Gibberula ubitaensis

Scientific classification
- Kingdom: Animalia
- Phylum: Mollusca
- Class: Gastropoda
- Subclass: Caenogastropoda
- Order: Neogastropoda
- Family: Cystiscidae
- Subfamily: Cystiscinae
- Genus: Gibberula
- Species: G. ubitaensis
- Binomial name: Gibberula ubitaensis Espinosa & Ortea, 2000

= Gibberula ubitaensis =

- Genus: Gibberula
- Species: ubitaensis
- Authority: Espinosa & Ortea, 2000

Species of gastropod

Gibberula ubitaensis is a species of very small sea snail, a marine gastropod mollusk or micromollusk in the family Cystiscidae.

==Description==
As a non-broadcast spawner, Gibberula ubitaensis employs benthic egg deposition, a reproductive strategy common in Cystiscidae. Life cycle does not include trocophore stage.

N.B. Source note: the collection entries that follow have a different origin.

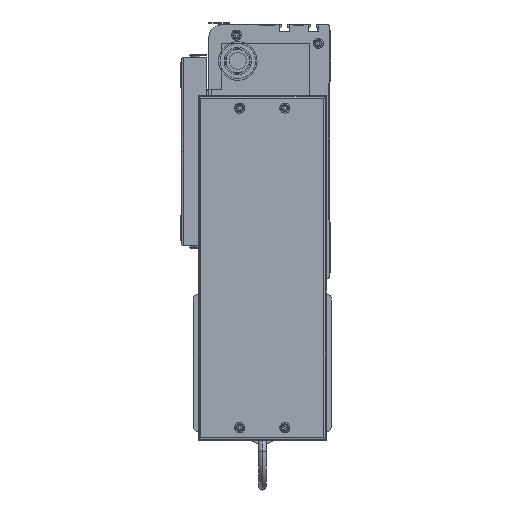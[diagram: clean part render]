
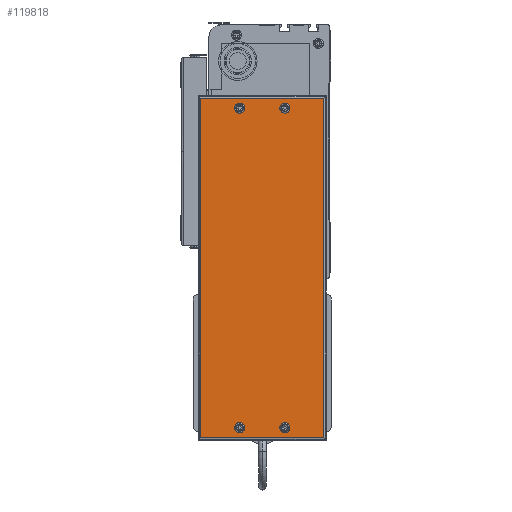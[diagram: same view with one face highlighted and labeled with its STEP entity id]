
A CAD part, left-side view. The second image highlights one B-rep face of the part: STEP entity #119818.
In plain terms, the highlighted planar face has unit normal (-1, 0, 0) as drawn and (1, 0, 0) by its records, which use the part's own axes.
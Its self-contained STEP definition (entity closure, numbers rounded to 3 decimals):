
#46663 = FACE_OUTER_BOUND ( 'NONE', #127615, .T. ) ;
#47309 = CARTESIAN_POINT ( 'NONE',  ( 50., 272., -100. ) ) ;
#47713 = CIRCLE ( 'NONE', #47815, 2.5 ) ;
#47812 = DIRECTION ( 'NONE',  ( 0., 0., -1. ) ) ;
#47813 = DIRECTION ( 'NONE',  ( 1., 0., 0. ) ) ;
#47814 = CARTESIAN_POINT ( 'NONE',  ( 50., 264., -33. ) ) ;
#47815 = AXIS2_PLACEMENT_3D ( 'NONE', #47814, #47813, #47812 ) ;
#47846 = DIRECTION ( 'NONE',  ( 0., 0., -1. ) ) ;
#47848 = AXIS2_PLACEMENT_3D ( 'NONE', #47864, #47888, #47846 ) ;
#47854 = CIRCLE ( 'NONE', #47848, 2.5 ) ;
#47864 = CARTESIAN_POINT ( 'NONE',  ( 50., 10., -33. ) ) ;
#47888 = DIRECTION ( 'NONE',  ( 1., 0., 0. ) ) ;
#54944 = FACE_BOUND ( 'NONE', #120296, .T. ) ;
#55165 = LINE ( 'NONE', #55187, #55316 ) ;
#55166 = FACE_BOUND ( 'NONE', #127297, .T. ) ;
#55186 = DIRECTION ( 'NONE',  ( 0., 0., 1. ) ) ;
#55187 = CARTESIAN_POINT ( 'NONE',  ( 50., 272., 0. ) ) ;
#55257 = FACE_BOUND ( 'NONE', #127283, .T. ) ;
#55316 = VECTOR ( 'NONE', #55186, 1000. ) ;
#55330 = FACE_BOUND ( 'NONE', #119825, .T. ) ;
#102448 = AXIS2_PLACEMENT_3D ( 'NONE', #102471, #102470, #102454 ) ;
#102454 = DIRECTION ( 'NONE',  ( 0., 0., 1. ) ) ;
#102470 = DIRECTION ( 'NONE',  ( -1., 0., 0. ) ) ;
#102471 = CARTESIAN_POINT ( 'NONE',  ( 50., 274., 0. ) ) ;
#102473 = PLANE ( 'NONE',  #102448 ) ;
#119818 = ADVANCED_FACE ( 'NONE', ( #46663, #55257, #55330, #55166, #54944 ), #102473, .F. ) ;
#119820 = ORIENTED_EDGE ( 'NONE', *, *, #120022, .F. ) ;
#119823 = VERTEX_POINT ( 'NONE', #47309 ) ;
#119825 = EDGE_LOOP ( 'NONE', ( #120082, #127356 ) ) ;
#119827 = EDGE_CURVE ( 'NONE', #119823, #127374, #55165, .T. ) ;
#120022 = EDGE_CURVE ( 'NONE', #127511, #127614, #47713, .T. ) ;
#120078 = ORIENTED_EDGE ( 'NONE', *, *, #127035, .F. ) ;
#120080 = EDGE_CURVE ( 'NONE', #127469, #127099, #47854, .T. ) ;
#120082 = ORIENTED_EDGE ( 'NONE', *, *, #120080, .F. ) ;
#120296 = EDGE_LOOP ( 'NONE', ( #119820, #127236 ) ) ;
#123143 = CIRCLE ( 'NONE', #123149, 2.5 ) ;
#123149 = AXIS2_PLACEMENT_3D ( 'NONE', #123173, #123172, #123168 ) ;
#123158 = CARTESIAN_POINT ( 'NONE',  ( 50., 272., -2. ) ) ;
#123168 = DIRECTION ( 'NONE',  ( 0., 0., -1. ) ) ;
#123172 = DIRECTION ( 'NONE',  ( 1., 0., 0. ) ) ;
#123173 = CARTESIAN_POINT ( 'NONE',  ( 50., 264., -69. ) ) ;
#123205 = DIRECTION ( 'NONE',  ( 0., 0., -1. ) ) ;
#123207 = DIRECTION ( 'NONE',  ( 1., 0., 0. ) ) ;
#123210 = AXIS2_PLACEMENT_3D ( 'NONE', #123288, #123207, #123205 ) ;
#123224 = DIRECTION ( 'NONE',  ( 0., 0., -1. ) ) ;
#123244 = CIRCLE ( 'NONE', #123289, 2.5 ) ;
#123252 = CARTESIAN_POINT ( 'NONE',  ( 50., 10., -69. ) ) ;
#123258 = DIRECTION ( 'NONE',  ( 1., 0., 0. ) ) ;
#123261 = CIRCLE ( 'NONE', #123210, 2.5 ) ;
#123288 = CARTESIAN_POINT ( 'NONE',  ( 50., 10., -33. ) ) ;
#123289 = AXIS2_PLACEMENT_3D ( 'NONE', #123252, #123258, #123224 ) ;
#123372 = CARTESIAN_POINT ( 'NONE',  ( 50., 10., -71.5 ) ) ;
#123498 = CARTESIAN_POINT ( 'NONE',  ( 50., 10., -30.5 ) ) ;
#123704 = AXIS2_PLACEMENT_3D ( 'NONE', #123857, #123854, #123851 ) ;
#123709 = CARTESIAN_POINT ( 'NONE',  ( 50., 2., -2. ) ) ;
#123851 = DIRECTION ( 'NONE',  ( 0., 0., -1. ) ) ;
#123854 = DIRECTION ( 'NONE',  ( 1., 0., 0. ) ) ;
#123857 = CARTESIAN_POINT ( 'NONE',  ( 50., 10., -69. ) ) ;
#123866 = CIRCLE ( 'NONE', #123704, 2.5 ) ;
#123925 = DIRECTION ( 'NONE',  ( 0., -1., 0. ) ) ;
#123926 = VECTOR ( 'NONE', #123925, 1000. ) ;
#123928 = CARTESIAN_POINT ( 'NONE',  ( 50., 274., -2. ) ) ;
#123958 = DIRECTION ( 'NONE',  ( 0., 0., -1. ) ) ;
#123960 = VECTOR ( 'NONE', #123958, 1000. ) ;
#123961 = CARTESIAN_POINT ( 'NONE',  ( 50., 2., 0. ) ) ;
#123962 = LINE ( 'NONE', #123961, #123960 ) ;
#123968 = DIRECTION ( 'NONE',  ( 0., 1., 0. ) ) ;
#123970 = VECTOR ( 'NONE', #123968, 1000. ) ;
#123971 = CARTESIAN_POINT ( 'NONE',  ( 50., 274., -100. ) ) ;
#123985 = LINE ( 'NONE', #123971, #123970 ) ;
#123988 = LINE ( 'NONE', #123928, #123926 ) ;
#123992 = DIRECTION ( 'NONE',  ( 0., 0., -1. ) ) ;
#123993 = DIRECTION ( 'NONE',  ( 1., 0., 0. ) ) ;
#124022 = CIRCLE ( 'NONE', #124071, 2.5 ) ;
#124040 = CARTESIAN_POINT ( 'NONE',  ( 50., 264., -69. ) ) ;
#124071 = AXIS2_PLACEMENT_3D ( 'NONE', #124040, #123993, #123992 ) ;
#124237 = CARTESIAN_POINT ( 'NONE',  ( 50., 10., -35.5 ) ) ;
#124293 = DIRECTION ( 'NONE',  ( 0., 0., -1. ) ) ;
#124294 = DIRECTION ( 'NONE',  ( 1., 0., 0. ) ) ;
#124298 = CARTESIAN_POINT ( 'NONE',  ( 50., 264., -33. ) ) ;
#124319 = CARTESIAN_POINT ( 'NONE',  ( 50., 10., -66.5 ) ) ;
#124320 = CARTESIAN_POINT ( 'NONE',  ( 50., 264., -35.5 ) ) ;
#124338 = AXIS2_PLACEMENT_3D ( 'NONE', #124298, #124294, #124293 ) ;
#124351 = CIRCLE ( 'NONE', #124338, 2.5 ) ;
#124526 = CARTESIAN_POINT ( 'NONE',  ( 50., 264., -30.5 ) ) ;
#124531 = CARTESIAN_POINT ( 'NONE',  ( 50., 2., -100. ) ) ;
#124548 = CARTESIAN_POINT ( 'NONE',  ( 50., 264., -66.5 ) ) ;
#124586 = CARTESIAN_POINT ( 'NONE',  ( 50., 264., -71.5 ) ) ;
#127035 = EDGE_CURVE ( 'NONE', #127551, #127068, #123244, .T. ) ;
#127044 = EDGE_CURVE ( 'NONE', #127099, #127469, #123261, .T. ) ;
#127068 = VERTEX_POINT ( 'NONE', #123372 ) ;
#127099 = VERTEX_POINT ( 'NONE', #123498 ) ;
#127236 = ORIENTED_EDGE ( 'NONE', *, *, #127512, .F. ) ;
#127253 = VERTEX_POINT ( 'NONE', #123709 ) ;
#127283 = EDGE_LOOP ( 'NONE', ( #127286, #120078 ) ) ;
#127286 = ORIENTED_EDGE ( 'NONE', *, *, #127289, .F. ) ;
#127289 = EDGE_CURVE ( 'NONE', #127068, #127551, #123866, .T. ) ;
#127297 = EDGE_LOOP ( 'NONE', ( #127379, #127383 ) ) ;
#127318 = EDGE_CURVE ( 'NONE', #127618, #119823, #123985, .T. ) ;
#127319 = ORIENTED_EDGE ( 'NONE', *, *, #127358, .T. ) ;
#127323 = EDGE_CURVE ( 'NONE', #127253, #127618, #123962, .T. ) ;
#127356 = ORIENTED_EDGE ( 'NONE', *, *, #127044, .F. ) ;
#127358 = EDGE_CURVE ( 'NONE', #127374, #127253, #123988, .T. ) ;
#127371 = ORIENTED_EDGE ( 'NONE', *, *, #127323, .T. ) ;
#127374 = VERTEX_POINT ( 'NONE', #123158 ) ;
#127379 = ORIENTED_EDGE ( 'NONE', *, *, #127382, .F. ) ;
#127382 = EDGE_CURVE ( 'NONE', #127685, #127599, #123143, .T. ) ;
#127383 = ORIENTED_EDGE ( 'NONE', *, *, #127412, .F. ) ;
#127395 = ORIENTED_EDGE ( 'NONE', *, *, #127318, .T. ) ;
#127412 = EDGE_CURVE ( 'NONE', #127599, #127685, #124022, .T. ) ;
#127469 = VERTEX_POINT ( 'NONE', #124237 ) ;
#127511 = VERTEX_POINT ( 'NONE', #124320 ) ;
#127512 = EDGE_CURVE ( 'NONE', #127614, #127511, #124351, .T. ) ;
#127551 = VERTEX_POINT ( 'NONE', #124319 ) ;
#127599 = VERTEX_POINT ( 'NONE', #124548 ) ;
#127614 = VERTEX_POINT ( 'NONE', #124526 ) ;
#127615 = EDGE_LOOP ( 'NONE', ( #127319, #127371, #127395, #127625 ) ) ;
#127618 = VERTEX_POINT ( 'NONE', #124531 ) ;
#127625 = ORIENTED_EDGE ( 'NONE', *, *, #119827, .T. ) ;
#127685 = VERTEX_POINT ( 'NONE', #124586 ) ;

This mode of reproduction, where eggs are attached to or embedded within submerged substrates, contrasts with broadcast spawning by prioritizing localized survival over broad dispersal.

==Distribution==
The type locality of Gibberula ubitaensis is situated in the Costa Rican part of the Caribbean Sea, establishing its primary biogeographic association with the Western Atlantic tropical marine province.
The habitat preferences align with those typical of other Gibberula species, which are generally found in association with various marine substrates including seagrass beds, coral reefs, and soft sediment environments.